Tuesday, February 11, 2014

Paddle Away Part II

A holiday paddle in the mere wilds of Florida hard against the teeming city of Sarasota. Part I of this paddle posted a few weeks ago.

After the diving cormorants, we kayaked into the mangrove tunnels.

My young cousin, sitting between my nephew and I, her small feet touching the water, was still talking about the cormorants as we glided in.  But she quickly quieted as we all did.  The dark green leaves all around and overhead in muted light encouraged reverence.

The homes, cars, outdoor restaurants, ice cream scoopers, and massive condo buildings looming over the shoreline quickly disappeared.  A paddle made a small splash sound.  We slowly drifted under one low but thick root, and I tilted my head to the side to just clear it.

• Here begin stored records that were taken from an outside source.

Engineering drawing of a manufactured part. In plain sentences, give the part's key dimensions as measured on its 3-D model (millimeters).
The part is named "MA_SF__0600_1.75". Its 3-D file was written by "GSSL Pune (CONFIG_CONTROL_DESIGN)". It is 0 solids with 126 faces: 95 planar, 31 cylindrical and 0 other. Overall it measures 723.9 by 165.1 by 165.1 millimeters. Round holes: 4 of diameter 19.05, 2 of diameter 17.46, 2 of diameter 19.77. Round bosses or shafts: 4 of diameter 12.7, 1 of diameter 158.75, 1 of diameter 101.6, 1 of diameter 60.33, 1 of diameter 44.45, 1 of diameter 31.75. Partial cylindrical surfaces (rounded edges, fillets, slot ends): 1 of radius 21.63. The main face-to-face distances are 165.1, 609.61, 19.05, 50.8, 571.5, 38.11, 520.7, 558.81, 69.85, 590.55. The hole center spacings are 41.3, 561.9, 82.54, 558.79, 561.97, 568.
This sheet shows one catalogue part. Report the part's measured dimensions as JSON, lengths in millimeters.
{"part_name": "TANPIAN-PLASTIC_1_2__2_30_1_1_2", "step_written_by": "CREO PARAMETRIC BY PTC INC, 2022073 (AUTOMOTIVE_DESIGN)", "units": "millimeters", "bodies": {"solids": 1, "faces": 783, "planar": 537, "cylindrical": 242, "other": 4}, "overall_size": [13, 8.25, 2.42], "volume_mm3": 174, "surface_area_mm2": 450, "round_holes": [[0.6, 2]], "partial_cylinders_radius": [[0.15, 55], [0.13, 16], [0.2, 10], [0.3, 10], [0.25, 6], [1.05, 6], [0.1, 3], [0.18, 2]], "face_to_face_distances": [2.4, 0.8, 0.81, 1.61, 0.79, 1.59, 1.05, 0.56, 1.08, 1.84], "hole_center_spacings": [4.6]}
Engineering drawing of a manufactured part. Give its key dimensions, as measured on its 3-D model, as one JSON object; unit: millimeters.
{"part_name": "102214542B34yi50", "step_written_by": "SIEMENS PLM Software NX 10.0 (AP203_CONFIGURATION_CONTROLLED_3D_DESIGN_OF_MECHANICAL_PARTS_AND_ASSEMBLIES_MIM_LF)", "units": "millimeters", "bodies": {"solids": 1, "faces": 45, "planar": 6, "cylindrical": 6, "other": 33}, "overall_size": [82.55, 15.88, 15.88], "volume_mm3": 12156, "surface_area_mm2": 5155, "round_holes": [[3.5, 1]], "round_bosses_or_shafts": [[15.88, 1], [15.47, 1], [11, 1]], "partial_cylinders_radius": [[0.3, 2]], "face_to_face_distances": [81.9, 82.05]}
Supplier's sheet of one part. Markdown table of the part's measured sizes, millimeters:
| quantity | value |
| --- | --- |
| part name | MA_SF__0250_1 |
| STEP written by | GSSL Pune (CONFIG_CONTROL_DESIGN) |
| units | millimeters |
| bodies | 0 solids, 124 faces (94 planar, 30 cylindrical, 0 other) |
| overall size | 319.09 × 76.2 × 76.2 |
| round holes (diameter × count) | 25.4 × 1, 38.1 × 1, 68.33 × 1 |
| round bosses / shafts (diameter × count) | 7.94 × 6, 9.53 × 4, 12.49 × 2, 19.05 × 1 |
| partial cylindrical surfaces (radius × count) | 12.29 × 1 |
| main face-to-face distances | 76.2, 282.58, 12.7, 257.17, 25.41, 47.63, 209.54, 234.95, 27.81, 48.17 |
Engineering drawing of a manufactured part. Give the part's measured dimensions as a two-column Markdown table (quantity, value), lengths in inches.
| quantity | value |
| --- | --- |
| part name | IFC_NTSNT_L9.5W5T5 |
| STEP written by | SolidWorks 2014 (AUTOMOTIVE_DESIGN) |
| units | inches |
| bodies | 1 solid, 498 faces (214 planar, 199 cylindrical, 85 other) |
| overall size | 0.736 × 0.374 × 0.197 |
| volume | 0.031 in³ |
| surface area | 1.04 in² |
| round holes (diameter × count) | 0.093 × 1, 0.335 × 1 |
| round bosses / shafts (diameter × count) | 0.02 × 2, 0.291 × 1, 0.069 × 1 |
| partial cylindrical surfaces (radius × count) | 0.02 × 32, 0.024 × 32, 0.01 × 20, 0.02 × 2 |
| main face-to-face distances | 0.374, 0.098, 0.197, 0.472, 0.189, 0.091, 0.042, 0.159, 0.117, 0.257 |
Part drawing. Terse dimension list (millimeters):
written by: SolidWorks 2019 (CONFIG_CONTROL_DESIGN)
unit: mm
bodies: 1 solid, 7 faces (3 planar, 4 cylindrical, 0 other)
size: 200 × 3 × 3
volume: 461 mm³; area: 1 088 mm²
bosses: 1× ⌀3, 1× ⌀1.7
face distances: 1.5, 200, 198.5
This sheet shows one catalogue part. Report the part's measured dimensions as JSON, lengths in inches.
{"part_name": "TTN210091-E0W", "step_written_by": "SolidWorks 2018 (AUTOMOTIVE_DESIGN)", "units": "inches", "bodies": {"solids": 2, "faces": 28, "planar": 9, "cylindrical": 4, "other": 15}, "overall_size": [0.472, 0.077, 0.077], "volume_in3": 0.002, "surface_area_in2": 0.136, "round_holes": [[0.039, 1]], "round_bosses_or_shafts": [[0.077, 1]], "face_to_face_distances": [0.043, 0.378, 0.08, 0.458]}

You can think for a moment you're elsewhere. Especially when you see the small black crabs climbing on the organized tangle of roots. The more you look the more you see. Hundreds of them moving as only crabs can. Creepy. Startling. Awesome.

I half expected a Hobbit to stumble by or to find Sméagol hunting for fish (and that ring) in the shallow stream.

We turned a bend in the watery maze and there stood a blue heron ignoring us. A wisp of a feather high across its head, as if feigning royalty.  Looking into the water, there were fish with tiger-like stripes on their backs hovering here and there -- aptly named tiger sandfish.

We peered deeper into the thick mangrove forest and a couple white ibis came into view -- surprisingly not standing out against the deep green canopy and greenish beige water as much as you might think.
As we emerged into the sunshine on the other side of the forest, I looked back at the natural tunnel we had just exited. It's opaque blackness somehow still beckoned me.

But ahead, hopefully, was one of the biggest draws to this bit of water: manatees.  The sea cow, a docile but heavyset marine mammal that eats mainly vegetation.  They cling to a somewhat precarious existence in the estuary that thousands of humans call their backyard.

We paddled into the canals dominated with large homes, groomed lawns and all the blunt stamps of humanity.  The natural edge, the transition between land and sea, was long gone.

There are signs that ask boaters to slow down through certain stretches because manatees may be present. Not only do manatees face the challenge of finding enough food and swimming in water tainted by runoff but also they are often struck by speeding boats or gashed by a propeller.

It's kind of too bad that there are houses all around but this is the canal with the warmest water and the manatees come here to hang out. A lady with nicotine skin and a raspy voice says she's seen'em today. Nonchalant she says this, as if she owns them. 

Further into the canal, someone ahead of us becomes excited and in our kayak, my nephew sees it first.  A bump in the water and then a snout just breaking the surface ahead.  Then another. We drift closer but still give the animals lots of space. We wait. They can hold their breath for a long time.

There they are, someone nearly shouts.  Soon we're seeing a large manatee longer than our kayaks, probably a mother, with a smaller one, probably the offspring, swimming and floating along. They're making their way back toward more open water and we can glimpse their wide brown bodies off the bow of our kayak.  It's an exciting little gift. 

Then, almost on cue, here comes a boat moving too fast directly toward the manatees.  Its a Riviera  Redneck. He's wearing a t shirt that says exactly that.

We holler at him to slow down as his dingy is headed straight toward the manatees.   He does not seem to see or hear us. His engine is full on and his boat is moving quickly.

A few paddlers including my nephew and I wave paddles in the air and finally he slows down but does not look happy about it. As he moves away and we ride his wake, I hope he does not begrudge the manatees.

Giving them plenty of room, we follow the manatees out into the bigger water.  We lose sight of them quickly but they will stay with us in our mind's eye.